What is Simpson's Diversity Index?
Simpson's Diversity Index is a measure used in ecology to quantify the biodiversity of a habitat. It accounts for both richness (the number of different species present) and evenness (how evenly the individuals are distributed among those species). The version computed here, often written as \(D = 1 - \frac{\sum n_i\,(n_i - 1)}{N\,(N - 1)}\), ranges from 0 to 1, where values closer to 1 indicate higher diversity.
How to use this calculator
Enter the number of individuals counted for each species or category, separated by commas — for example 10, 20, 30, 40. The calculator sums the totals, applies Simpson's formula, and reports the diversity index along with the raw Simpson's Index and the reciprocal (effective species) value, the total count N, and the species richness S.
The formula explained
For each species i with count \(n_i\), compute \(n_i(n_i-1)\). Sum these across all species and divide by \(N(N-1)\), where \(N\) is the total of all individuals. This fraction is Simpson's Index (the probability that two randomly drawn individuals are the same species). Subtracting it from 1 gives Simpson's Diversity Index, which instead represents the probability two random individuals are different species.
$$D = 1 - \frac{\sum n_i\,(n_i - 1)}{N\,(N - 1)} \qquad \text{where } n_i = \text{species counts},\ N = \textstyle\sum n_i$$
Worked example
Suppose a sample has counts 1, 1, 1 (three species, one individual each). Then \(N = 3\), and \(\sum n_i(n_i-1) = 0+0+0 = 0\) because each \(n_i(n_i-1) = 0\). Simpson's Index $$= \frac{0}{3\times 2} = 0,$$ so \(D = 1 - 0 = 1\), the maximum possible diversity for perfectly even data.
FAQ
Does a higher number mean more diversity? Yes — for the \(D = 1 - \text{Simpson's Index}\) form used here, values near 1 mean high diversity and values near 0 mean a single species dominates.

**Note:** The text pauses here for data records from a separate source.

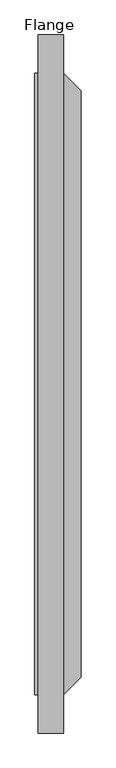
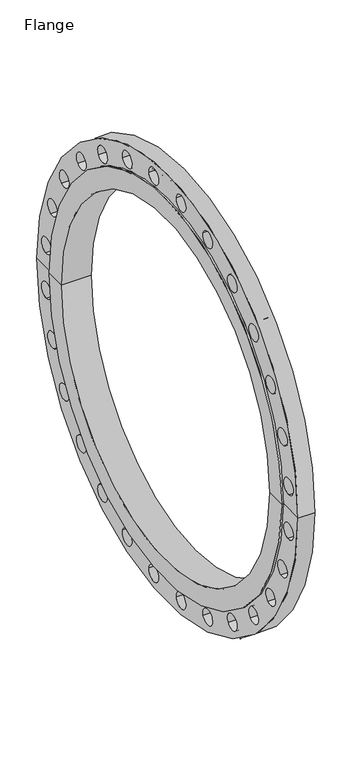
"""IFC4 building model written with IfcOpenShell, lengths in millimetres: proxy geometry, Flange : CASTED FLANGE PN16."""

from ifc_helpers import new_model, si_unit, frame, origin, place, context, project, spatial, polyline, circle_curve, source, transform, mapped, element, save
from ifc_brep_helpers import plane_surface, cylinder_surface, revolved_surface, advanced_brep


def flange_8ab1b455(model_context):
    return source(origin(), model_context, "Body", "AdvancedBrep", [
        advanced_brep(
        [(0.0, 450.0, 0.0), (0.0, 500.5, 0.0), (0.0, -500.5, 0.0), (0.0, -450.0, 0.0), (74.5, 450.0, 0.0), (74.5, -450.0, 0.0), (74.5, 472.5, 0.0), (74.5, -472.5, 0.0), (46.5, 500.5, 0.0), (46.5, -500.5, 0.0), (46.5, 562.5, 0.0), (46.5, -562.5, 0.0), (46.5, -79.1524503, -519.4036384), (46.5, -38.4102497, -523.994182), (46.5, 38.4102497, -523.994182), (46.5, 79.1524503, -519.4036384), (46.5, -192.7461158, -488.7680276), (46.5, -154.0468993, -502.3094692), (46.5, -523.994182, -38.4102497), (46.5, -519.4036384, -79.1524503), (46.5, -296.6746863, -433.623547), (46.5, -261.9589941, -455.4368622), (46.5, -385.7267491, -356.7353711), (46.5, -356.7353711, -385.7267491), (46.5, -455.4368622, -261.9589941), (46.5, -433.623547, -296.6746863), (46.5, -502.3094692, -154.0468993), (46.5, -488.7680276, -192.7461158), (46.5, 519.4036384, -79.1524503), (46.5, 523.994182, -38.4102497), (46.5, 488.7680276, -192.7461158), (46.5, 502.3094692, -154.0468993), (46.5, 433.623547, -296.6746863), (46.5, 455.4368622, -261.9589941), (46.5, 356.7353711, -385.7267491), (46.5, 385.7267491, -356.7353711), (46.5, 261.9589941, -455.4368622), (46.5, 296.6746863, -433.623547), (46.5, 154.0468993, -502.3094692), (46.5, 192.7461158, -488.7680276), (46.5, -433.623547, 296.6746863), (46.5, -455.4368622, 261.9589941), (46.5, -356.7353711, 385.7267491), (46.5, -385.7267491, 356.7353711), (46.5, -261.9589941, 455.4368622), (46.5, -296.6746863, 433.623547), (46.5, -154.0468993, 502.3094692), (46.5, -192.7461158, 488.7680276), (46.5, -38.4102497, 523.994182), (46.5, -79.1524503, 519.4036384), (46.5, 79.1524503, 519.4036384), (46.5, 38.4102497, 523.994182), (46.5, 192.7461158, 488.7680276), (46.5, 154.0468993, 502.3094692), (46.5, 296.6746863, 433.623547), (46.5, 261.9589941, 455.4368622), (46.5, 385.7267491, 356.7353711), (46.5, 356.7353711, 385.7267491), (46.5, 455.4368622, 261.9589941), (46.5, 433.623547, 296.6746863), (46.5, 502.3094692, 154.0468993), (46.5, 488.7680276, 192.7461158), (46.5, 523.994182, 38.4102497), (46.5, 519.4036384, 79.1524503), (46.5, -519.4036384, 79.1524503), (46.5, -523.994182, 38.4102497), (46.5, -488.7680276, 192.7461158), (46.5, -502.3094692, 154.0468993), (5.0, 562.5, 0.0), (5.0, -562.5, 0.0), (5.0, 500.5, 0.0), (5.0, -500.5, 0.0), (5.0, -38.4102497, -523.994182), (5.0, -79.1524503, -519.4036384), (5.0, 79.1524503, -519.4036384), (5.0, 38.4102497, -523.994182), (5.0, -154.0468993, -502.3094692), (5.0, -192.7461158, -488.7680276), (5.0, -519.4036384, -79.1524503), (5.0, -523.994182, -38.4102497), (5.0, -261.9589941, -455.4368622), (5.0, -296.6746863, -433.623547), (5.0, -356.7353711, -385.7267491), (5.0, -385.7267491, -356.7353711), (5.0, -433.623547, -296.6746863), (5.0, -455.4368622, -261.9589941), (5.0, -488.7680276, -192.7461158), (5.0, -502.3094692, -154.0468993), (5.0, 523.994182, -38.4102497), (5.0, 519.4036384, -79.1524503), (5.0, 502.3094692, -154.0468993), (5.0, 488.7680276, -192.7461158), (5.0, 455.4368622, -261.9589941), (5.0, 433.623547, -296.6746863), (5.0, 385.7267491, -356.7353711), (5.0, 356.7353711, -385.7267491), (5.0, 296.6746863, -433.623547), (5.0, 261.9589941, -455.4368622), (5.0, 192.7461158, -488.7680276), (5.0, 154.0468993, -502.3094692), (5.0, -455.4368622, 261.9589941), (5.0, -433.623547, 296.6746863), (5.0, -385.7267491, 356.7353711), (5.0, -356.7353711, 385.7267491), (5.0, -296.6746863, 433.623547), (5.0, -261.9589941, 455.4368622), (5.0, -192.7461158, 488.7680276), (5.0, -154.0468993, 502.3094692), (5.0, -79.1524503, 519.4036384), (5.0, -38.4102497, 523.994182), (5.0, 38.4102497, 523.994182), (5.0, 79.1524503, 519.4036384), (5.0, 154.0468993, 502.3094692), (5.0, 192.7461158, 488.7680276), (5.0, 261.9589941, 455.4368622), (5.0, 296.6746863, 433.623547), (5.0, 356.7353711, 385.7267491), (5.0, 385.7267491, 356.7353711), (5.0, 433.623547, 296.6746863), (5.0, 455.4368622, 261.9589941), (5.0, 488.7680276, 192.7461158), (5.0, 502.3094692, 154.0468993), (5.0, 519.4036384, 79.1524503), (5.0, 523.994182, 38.4102497), (5.0, -523.994182, 38.4102497), (5.0, -519.4036384, 79.1524503), (5.0, -502.3094692, 154.0468993), (5.0, -488.7680276, 192.7461158)],
        [
            (0, 1),
            (1, 2, circle_curve(frame((0.0, 0.0, 0.0), z_axis=(-1.0, 0.0, 0.0), x_axis=(0.0, 1.0, 0.0)), 500.5)),
            (2, 3),
            (3, 0, circle_curve(frame((0.0, 0.0, 0.0), z_axis=(1.0, 0.0, 0.0), x_axis=(0.0, 1.0, 0.0)), 450.0)),
            (0, 3, circle_curve(frame((0.0, 0.0, 0.0), z_axis=(1.0, 0.0, 0.0), x_axis=(0.0, 1.0, 0.0)), 450.0)),
            (2, 1, circle_curve(frame((0.0, 0.0, 0.0), z_axis=(-1.0, 0.0, 0.0), x_axis=(0.0, 1.0, 0.0)), 500.5)),
            (4, 0),
            (3, 5),
            (5, 4, circle_curve(frame((74.5, 0.0, 0.0), z_axis=(1.0, 0.0, 0.0), x_axis=(0.0, 1.0, 0.0)), 450.0)),
            (4, 5, circle_curve(frame((74.5, 0.0, 0.0), z_axis=(1.0, 0.0, 0.0), x_axis=(0.0, 1.0, 0.0)), 450.0)),
            (6, 4),
            (5, 7),
            (7, 6, circle_curve(frame((74.5, 0.0, 0.0), z_axis=(1.0, 0.0, 0.0), x_axis=(0.0, 1.0, 0.0)), 472.5)),
            (6, 7, circle_curve(frame((74.5, 0.0, 0.0), z_axis=(1.0, 0.0, 0.0), x_axis=(0.0, 1.0, 0.0)), 472.5)),
            (8, 6),
            (7, 9),
            (9, 8, circle_curve(frame((46.5, 0.0, 0.0), z_axis=(1.0, 0.0, 0.0), x_axis=(0.0, 1.0, 0.0)), 500.5)),
            (8, 9, circle_curve(frame((46.5, 0.0, 0.0), z_axis=(1.0, 0.0, 0.0), x_axis=(0.0, 1.0, 0.0)), 500.5)),
            (10, 8),
            (9, 11),
            (11, 10, circle_curve(frame((46.5, 0.0, 0.0), z_axis=(1.0, 0.0, 0.0), x_axis=(0.0, 1.0, 0.0)), 562.5)),
            (12, 13, circle_curve(frame((46.5, -58.78135, -521.6989102), z_axis=(-1.0, 0.0, 0.0), x_axis=(0.0, 0.9937122098932447, -0.11196447610328873)), 20.5)),
            (13, 12, circle_curve(frame((46.5, -58.78135, -521.6989102), z_axis=(-1.0, 0.0, 0.0), x_axis=(0.0, 0.9937122098932447, -0.11196447610328873)), 20.5)),
            (14, 15, circle_curve(frame((46.5, 58.78135, -521.6989102), z_axis=(-1.0, 0.0, 0.0), x_axis=(0.0, 0.9937122098932414, 0.1119644761033196)), 20.5)),
            (15, 14, circle_curve(frame((46.5, 58.78135, -521.6989102), z_axis=(-1.0, 0.0, 0.0), x_axis=(0.0, 0.9937122098932414, 0.1119644761033196)), 20.5)),
            (16, 17, circle_curve(frame((46.5, -173.3965075, -495.5387484), z_axis=(-1.0, 0.0, 0.0), x_axis=(0.0, 0.9438833303083805, -0.3302790619551306)), 20.5)),
            (17, 16, circle_curve(frame((46.5, -173.3965075, -495.5387484), z_axis=(-1.0, 0.0, 0.0), x_axis=(0.0, 0.9438833303083805, -0.3302790619551306)), 20.5)),
            (18, 19, circle_curve(frame((46.5, -521.6989102, -58.78135), z_axis=(-1.0, 0.0, 0.0), x_axis=(0.0, 0.11196447610332827, -0.9937122098932404)), 20.5)),
            (19, 18, circle_curve(frame((46.5, -521.6989102, -58.78135), z_axis=(-1.0, 0.0, 0.0), x_axis=(0.0, 0.11196447610332827, -0.9937122098932404)), 20.5)),
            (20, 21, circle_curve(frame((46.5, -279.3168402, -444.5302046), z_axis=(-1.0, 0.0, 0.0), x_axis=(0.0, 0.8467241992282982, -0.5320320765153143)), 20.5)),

What is the reciprocal index? \(1/D'\) (where \(D'\) is Simpson's Index) gives the "effective number of species" — the number of equally abundant species that would produce the observed index.
Can I use proportions instead of counts? This calculator uses the count-based formula with \(N(N-1)\), which requires whole-number counts. For proportion data, use the Gini-Simpson form \(1 - \sum p_i^2\).